Alexander gained from [Aristotle] not only moral and political knowledge, but was also instructed in those more secret and profound branches of science, which they call epoptic and acroamatic; and which they did not communicate to every common scholar. For when Alexander was in Asia, and received information that Aristotle had published some books, in which those points were discussed, he wrote to him a letter, on behalf of Philosophy, in which he blamed the course he had taken.
Alexander to Aristotle, prosperity. You did wrong in publishing the acroamatic parts of science. In what shall we differ from others, if the sublimer knowledge, which we gained from you, be made common to all the world? For my part, I had rather excel the bulk of mankind in the superior parts of learning, than in the extent of power and dominion. Farewell. --Plutarch, in vit.
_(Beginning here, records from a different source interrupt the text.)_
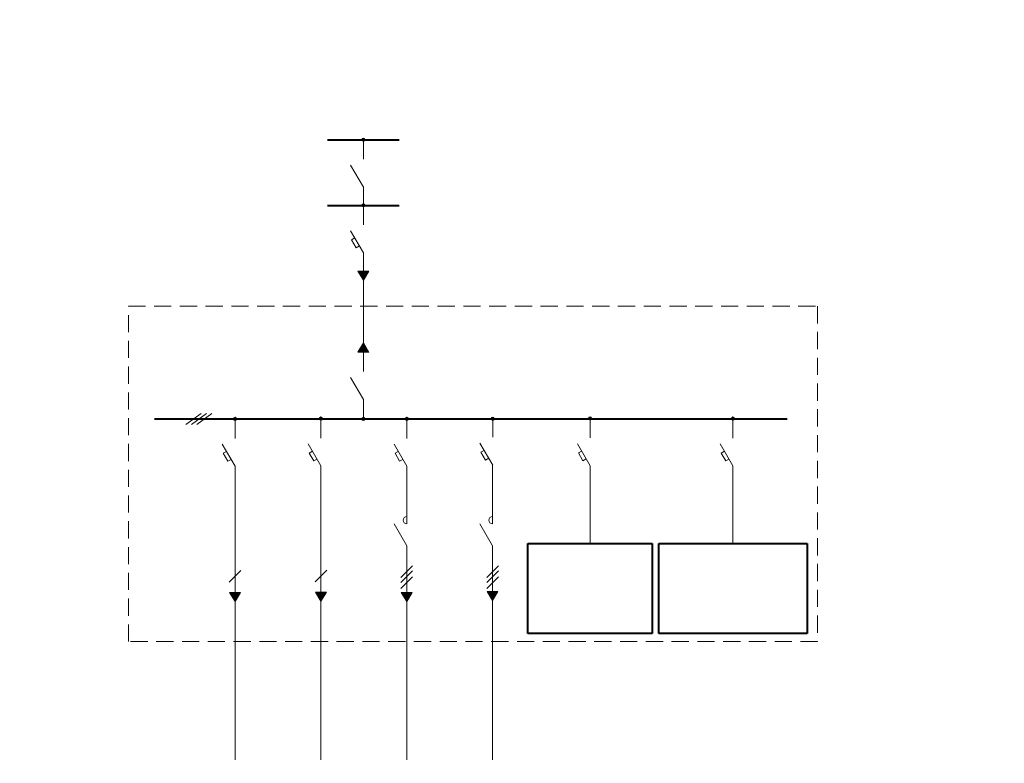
# Model space of a CAD drawing. Header units: millimetres. Extents: x 0 to 420, y 0 to 297.
# Tile 2 of 3: x 0 to 229, y 124 to 297. Entities that reach past the tile are written whole.
import ezdxf

# ---------------------------------------------------------------- set-up
doc = ezdxf.new("R2010")
doc.units = ezdxf.units.MM
for name, pattern in [('K5LT_BASIC', [0]), ('K5LT_DASHED', [6, 4, -2]), ('K5LT_THIN', [0])]:
    doc.linetypes.add(name, pattern=pattern)

# ---------------------------------------------------------------- blocks, each defined once
blk = doc.blocks.new('U48')
at = {"color": 7, "linetype": 'K5LT_DASHED', "lineweight": 18}
for p, q in [((25.3, 230.33), (185.8, 230.33)), ((25.3, 152.27), (25.3, 230.33)), ((185.8, 230.33), (185.8, 152.27)), ((185.8, 152.27), (25.3, 152.27))]:
    blk.add_line(p, q, dxfattribs=at)
blk = doc.blocks.new('U49')
at = {"color": 5, "linetype": 'K5LT_BASIC', "lineweight": 40, "true_color": 0x0000ff}
for p, q in [((148.82, 175.08), (183.34, 175.08)), ((148.82, 154.14), (148.82, 175.08)), ((183.34, 175.08), (183.34, 154.14)), ((183.34, 154.14), (148.82, 154.14))]:
    blk.add_line(p, q, dxfattribs=at)
blk = doc.blocks.new('U50')
at = {"color": 5, "linetype": 'K5LT_BASIC', "lineweight": 40, "true_color": 0x0000ff}
for p, q in [((118.34, 175.12), (147.3, 175.12)), ((118.34, 154.18), (118.34, 175.12)), ((147.3, 175.12), (147.3, 154.18)), ((147.3, 154.18), (118.34, 154.18))]:
    blk.add_line(p, q, dxfattribs=at)
blk = doc.blocks.new('U51')
at = {"true_color": 0xaaaaaa}
h = blk.add_hatch(color=253, dxfattribs=at)
h.paths.add_polyline_path([(78.74, 238.5), (80.02, 236.36), (80.02, 238.5)])
h.paths.add_polyline_path([(80.02, 238.5), (80.02, 236.36), (81.3, 238.5)])
at = {"color": 5, "linetype": 'K5LT_THIN', "lineweight": 18, "true_color": 0x0000ff}
for p, q in [((80.02, 242.76), (80.02, 238.5)), ((78.74, 238.5), (81.3, 238.5)), ((78.74, 238.5), (80.02, 236.36)), ((80.02, 236.36), (81.3, 238.5)), ((80.02, 236.36), (80.02, 231.75))]:
    blk.add_line(p, q, dxfattribs=at)
blk = doc.blocks.new('U52')
at = {"color": 5, "linetype": 'K5LT_THIN', "lineweight": 18, "true_color": 0x0000ff}
for p, q in [((80.02, 218.5), (80.02, 215.12)), ((77.05, 213.75), (80.02, 208.62)), ((80.02, 208.62), (80.02, 204.08))]:
    blk.add_line(p, q, dxfattribs=at)
blk = doc.blocks.new('U53')
at = {"true_color": 0xaaaaaa}
h = blk.add_hatch(color=253, dxfattribs=at)
h.paths.add_polyline_path([(48.86, 163.7), (50.14, 161.57), (50.14, 163.7)])
h.paths.add_polyline_path([(50.14, 163.7), (50.14, 161.57), (51.42, 163.7)])
at = {"color": 5, "linetype": 'K5LT_THIN', "lineweight": 18, "true_color": 0x0000ff}
for p, q in [((50.14, 182.58), (50.14, 163.7)), ((48.86, 163.7), (51.42, 163.7)), ((48.86, 163.7), (50.14, 161.57)), ((50.14, 161.57), (51.42, 163.7)), ((50.14, 161.57), (50.14, 156.96))]:
    blk.add_line(p, q, dxfattribs=at)
blk = doc.blocks.new('U54')
at = {"true_color": 0xaaaaaa}
h = blk.add_hatch(color=253, dxfattribs=at)
h.paths.add_polyline_path([(68.86, 163.78), (70.14, 161.64), (70.14, 163.78)])
h.paths.add_polyline_path([(70.14, 163.78), (70.14, 161.64), (71.42, 163.78)])
at = {"color": 5, "linetype": 'K5LT_THIN', "lineweight": 18, "true_color": 0x0000ff}
for p, q in [((70.14, 168.04), (70.14, 163.78)), ((68.86, 163.78), (71.42, 163.78)), ((68.86, 163.78), (70.14, 161.64)), ((70.14, 161.64), (71.42, 163.78)), ((70.14, 161.64), (70.14, 157.03))]:
    blk.add_line(p, q, dxfattribs=at)
blk = doc.blocks.new('U55')
at = {"true_color": 0xaaaaaa}
h = blk.add_hatch(color=253, dxfattribs=at)
h.paths.add_polyline_path([(88.86, 163.7), (90.14, 161.57), (90.14, 163.7)])
h.paths.add_polyline_path([(90.14, 163.7), (90.14, 161.57), (91.42, 163.7)])
at = {"color": 5, "linetype": 'K5LT_THIN', "lineweight": 18, "true_color": 0x0000ff}
for p, q in [((90.14, 174.54), (90.14, 163.7)), ((88.86, 163.7), (91.42, 163.7)), ((88.86, 163.7), (90.14, 161.57)), ((90.14, 161.57), (91.42, 163.7)), ((90.14, 161.57), (90.14, 156.96))]:
    blk.add_line(p, q, dxfattribs=at)
blk = doc.blocks.new('U56')
at = {"true_color": 0xaaaaaa}
h = blk.add_hatch(color=253, dxfattribs=at)
h.paths.add_polyline_path([(108.81, 163.92), (110.09, 161.79), (110.09, 163.92)])
h.paths.add_polyline_path([(110.09, 163.92), (110.09, 161.79), (111.37, 163.92)])
at = {"color": 5, "linetype": 'K5LT_THIN', "lineweight": 18, "true_color": 0x0000ff}
for p, q in [((110.09, 174.54), (110.09, 163.92)), ((108.81, 163.92), (111.37, 163.92)), ((108.81, 163.92), (110.09, 161.79)), ((110.09, 161.79), (111.37, 163.92)), ((110.09, 161.79), (110.09, 157.18))]:
    blk.add_line(p, q, dxfattribs=at)
blk = doc.blocks.new('U57')
at = {"true_color": 0xaaaaaa}
h = blk.add_hatch(color=253, dxfattribs=at)
h.paths.add_polyline_path([(81.3, 219.62), (80.02, 221.76), (80.02, 219.62)])
h.paths.add_polyline_path([(80.02, 219.62), (80.02, 221.76), (78.74, 219.62)])
at = {"color": 5, "linetype": 'K5LT_THIN', "lineweight": 18, "true_color": 0x0000ff}
for p, q in [((80.02, 221.76), (78.74, 219.62)), ((81.3, 219.62), (80.02, 221.76)), ((81.3, 219.62), (78.74, 219.62)), ((80.02, 218.5), (80.02, 219.62))]:
    blk.add_line(p, q, dxfattribs=at)
blk = doc.blocks.new('U58')
at = {"true_color": 0xaaaaaa}
h = blk.add_hatch(color=253, dxfattribs=at)
h.paths.add_polyline_path([(78.74, 238.5), (80.02, 236.36), (80.02, 238.5)])
h.paths.add_polyline_path([(80.02, 238.5), (80.02, 236.36), (81.3, 238.5)])
at = {"color": 5, "linetype": 'K5LT_THIN', "lineweight": 18, "true_color": 0x0000ff}
for p, q in [((80.02, 242.76), (80.02, 238.5)), ((78.74, 238.5), (81.3, 238.5)), ((78.74, 238.5), (80.02, 236.36)), ((80.02, 236.36), (81.3, 238.5)), ((80.02, 236.36), (80.02, 231.75))]:
    blk.add_line(p, q, dxfattribs=at)
blk = doc.blocks.new('U59')
at = {"color": 5, "linetype": 'K5LT_THIN', "lineweight": 18, "true_color": 0x0000ff}
for p, q in [((80.02, 218.5), (80.02, 215.12)), ((77.05, 213.75), (80.02, 208.62)), ((80.02, 208.62), (80.02, 204.08))]:
    blk.add_line(p, q, dxfattribs=at)
blk = doc.blocks.new('U60')
at = {"true_color": 0xaaaaaa}
h = blk.add_hatch(color=253, dxfattribs=at)
h.paths.add_polyline_path([(48.86, 163.7), (50.14, 161.57), (50.14, 163.7)])
h.paths.add_polyline_path([(50.14, 163.7), (50.14, 161.57), (51.42, 163.7)])
at = {"color": 5, "linetype": 'K5LT_THIN', "lineweight": 18, "true_color": 0x0000ff}
for p, q in [((50.14, 167.97), (50.14, 163.7)), ((48.86, 163.7), (51.42, 163.7)), ((48.86, 163.7), (50.14, 161.57)), ((50.14, 161.57), (51.42, 163.7)), ((50.14, 161.57), (50.14, 156.96))]:
    blk.add_line(p, q, dxfattribs=at)
blk = doc.blocks.new('U61')
at = {"true_color": 0xaaaaaa}
h = blk.add_hatch(color=253, dxfattribs=at)
h.paths.add_polyline_path([(68.86, 163.78), (70.14, 161.64), (70.14, 163.78)])
h.paths.add_polyline_path([(70.14, 163.78), (70.14, 161.64), (71.42, 163.78)])
at = {"color": 5, "linetype": 'K5LT_THIN', "lineweight": 18, "true_color": 0x0000ff}
for p, q in [((70.14, 182.66), (70.14, 163.78)), ((68.86, 163.78), (71.42, 163.78)), ((68.86, 163.78), (70.14, 161.64)), ((70.14, 161.64), (71.42, 163.78)), ((70.14, 161.64), (70.14, 157.03))]:
    blk.add_line(p, q, dxfattribs=at)
blk = doc.blocks.new('U62')
at = {"true_color": 0xaaaaaa}
h = blk.add_hatch(color=253, dxfattribs=at)
h.paths.add_polyline_path([(88.86, 163.7), (90.14, 161.57), (90.14, 163.7)])
h.paths.add_polyline_path([(90.14, 163.7), (90.14, 161.57), (91.42, 163.7)])
at = {"color": 5, "linetype": 'K5LT_THIN', "lineweight": 18, "true_color": 0x0000ff}
for p, q in [((90.14, 167.97), (90.14, 163.7)), ((88.86, 163.7), (91.42, 163.7)), ((88.86, 163.7), (90.14, 161.57)), ((90.14, 161.57), (91.42, 163.7)), ((90.14, 161.57), (90.14, 156.96))]:
    blk.add_line(p, q, dxfattribs=at)
blk = doc.blocks.new('U63')
at = {"true_color": 0xaaaaaa}
h = blk.add_hatch(color=253, dxfattribs=at)
h.paths.add_polyline_path([(108.81, 163.92), (110.09, 161.79), (110.09, 163.92)])
h.paths.add_polyline_path([(110.09, 163.92), (110.09, 161.79), (111.37, 163.92)])
at = {"color": 5, "linetype": 'K5LT_THIN', "lineweight": 18, "true_color": 0x0000ff}
for p, q in [((110.09, 168.19), (110.09, 163.92)), ((108.81, 163.92), (111.37, 163.92)), ((108.81, 163.92), (110.09, 161.79)), ((110.09, 161.79), (111.37, 163.92)), ((110.09, 161.79), (110.09, 157.18))]:
    blk.add_line(p, q, dxfattribs=at)
blk = doc.blocks.new('U64')
at = {"true_color": 0xaaaaaa}
h = blk.add_hatch(color=253, dxfattribs=at)
h.paths.add_polyline_path([(81.3, 219.62), (80.02, 221.76), (80.02, 219.62)])
h.paths.add_polyline_path([(80.02, 219.62), (80.02, 221.76), (78.74, 219.62)])
at = {"color": 5, "linetype": 'K5LT_THIN', "lineweight": 18, "true_color": 0x0000ff}
for p, q in [((80.02, 221.76), (78.74, 219.62)), ((81.3, 219.62), (80.02, 221.76)), ((81.3, 219.62), (78.74, 219.62)), ((80.02, 218.5), (80.02, 219.62))]:
    blk.add_line(p, q, dxfattribs=at)

msp = doc.modelspace()

# ---------------------------------------------------------------- hatches: boundary and pattern name
for points in [[(80.39466, 269.07428), (80.38404, 269.16287), (80.35279, 269.24646), (80.30268, 269.32029), (80.23655, 269.38019), (80.15814, 269.42277), (80.07188, 269.44562), (79.98267, 269.44745), (79.89555, 269.42815), (79.81546, 269.38881), (79.74693, 269.33166), (79.69384, 269.25994), (79.6592, 269.1777), (79.64497, 269.08962), (79.65196, 269.00066), (79.67976, 268.91587), (79.72681, 268.84005), (79.79043, 268.77749), (79.86704, 268.73174), (79.95229, 268.70538), (80.04135, 268.69991), (80.12919, 268.71563), (80.21082, 268.75166), (80.28163, 268.80596), (80.33761, 268.87545), (80.37558, 268.9562), (80.3934, 269.04363)], [(80.39466, 269.07428), (80.38404, 269.16287), (80.35279, 269.24646), (80.30268, 269.32029), (80.23655, 269.38019), (80.15814, 269.42277), (80.07188, 269.44562), (79.98267, 269.44745), (79.89555, 269.42815), (79.81546, 269.38881), (79.74693, 269.33166), (79.69384, 269.25994), (79.6592, 269.1777), (79.64497, 269.08962), (79.65196, 269.00066), (79.67976, 268.91587), (79.72681, 268.84005), (79.79043, 268.77749), (79.86704, 268.73174), (79.95229, 268.70538), (80.04135, 268.69991), (80.12919, 268.71563), (80.21082, 268.75166), (80.28163, 268.80596), (80.33761, 268.87545), (80.37558, 268.9562), (80.3934, 269.04363)], [(80.39466, 253.78495), (80.38404, 253.87355), (80.35279, 253.95713), (80.30268, 254.03096), (80.23655, 254.09086), (80.15814, 254.13345), (80.07188, 254.1563), (79.98267, 254.15812), (79.89555, 254.13882), (79.81546, 254.09948), (79.74693, 254.04233), (79.69384, 253.97061), (79.6592, 253.88838), (79.64497, 253.80029), (79.65196, 253.71133), (79.67976, 253.62654), (79.72681, 253.55072), (79.79043, 253.48817), (79.86704, 253.44241), (79.95229, 253.41605), (80.04135, 253.41058), (80.12919, 253.4263), (80.21082, 253.46233), (80.28163, 253.51663), (80.33761, 253.58612), (80.37558, 253.66687), (80.3934, 253.7543)], [(80.39466, 253.78495), (80.38404, 253.87355), (80.35279, 253.95713), (80.30268, 254.03096), (80.23655, 254.09086), (80.15814, 254.13345), (80.07188, 254.1563), (79.98267, 254.15812), (79.89555, 254.13882), (79.81546, 254.09948), (79.74693, 254.04233), (79.69384, 253.97061), (79.6592, 253.88838), (79.64497, 253.80029), (79.65196, 253.71133), (79.67976, 253.62654), (79.72681, 253.55072), (79.79043, 253.48817), (79.86704, 253.44241), (79.95229, 253.41605), (80.04135, 253.41058), (80.12919, 253.4263), (80.21082, 253.46233), (80.28163, 253.51663), (80.33761, 253.58612), (80.37558, 253.66687), (80.3934, 253.7543)], [(50.51178, 204.08484), (50.50116, 204.17344), (50.46991, 204.25702), (50.4198, 204.33085), (50.35367, 204.39076), (50.27525, 204.43334), (50.189, 204.45619), (50.09979, 204.45802), (50.01267, 204.43871), (49.93258, 204.39937), (49.86405, 204.34222), (49.81096, 204.2705), (49.77632, 204.18827), (49.76209, 204.10018), (49.76907, 204.01123), (49.79688, 203.92644), (49.84392, 203.85062), (49.90755, 203.78806), (49.98416, 203.7423), (50.06941, 203.71595), (50.15847, 203.71047), (50.24631, 203.7262), (50.32794, 203.76223), (50.39875, 203.81653), (50.45473, 203.88601), (50.4927, 203.96676), (50.51052, 204.05419)], [(50.51178, 204.08484), (50.50116, 204.17344), (50.46991, 204.25702), (50.4198, 204.33085), (50.35367, 204.39076), (50.27525, 204.43334), (50.189, 204.45619), (50.09979, 204.45802), (50.01267, 204.43871), (49.93258, 204.39937), (49.86405, 204.34222), (49.81096, 204.2705), (49.77632, 204.18827), (49.76209, 204.10018), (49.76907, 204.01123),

Alex.
      

An alternative explanation, suggested by someone guessing at the meaning, is that it is based on a character created by the Scots comedian Robbie Coltrane.

Mason Boyne, Presbyterian bigot and Orange Lodge member, says to his wife, “Did you know, Morag, that if you spell ‘Pope’ backwards you get ‘Epop,’ which is a four-letter word beginning with ‘E’ like ‘Evil’? You see, it's all there in the Bible if you just shoogle the letters around a bit.”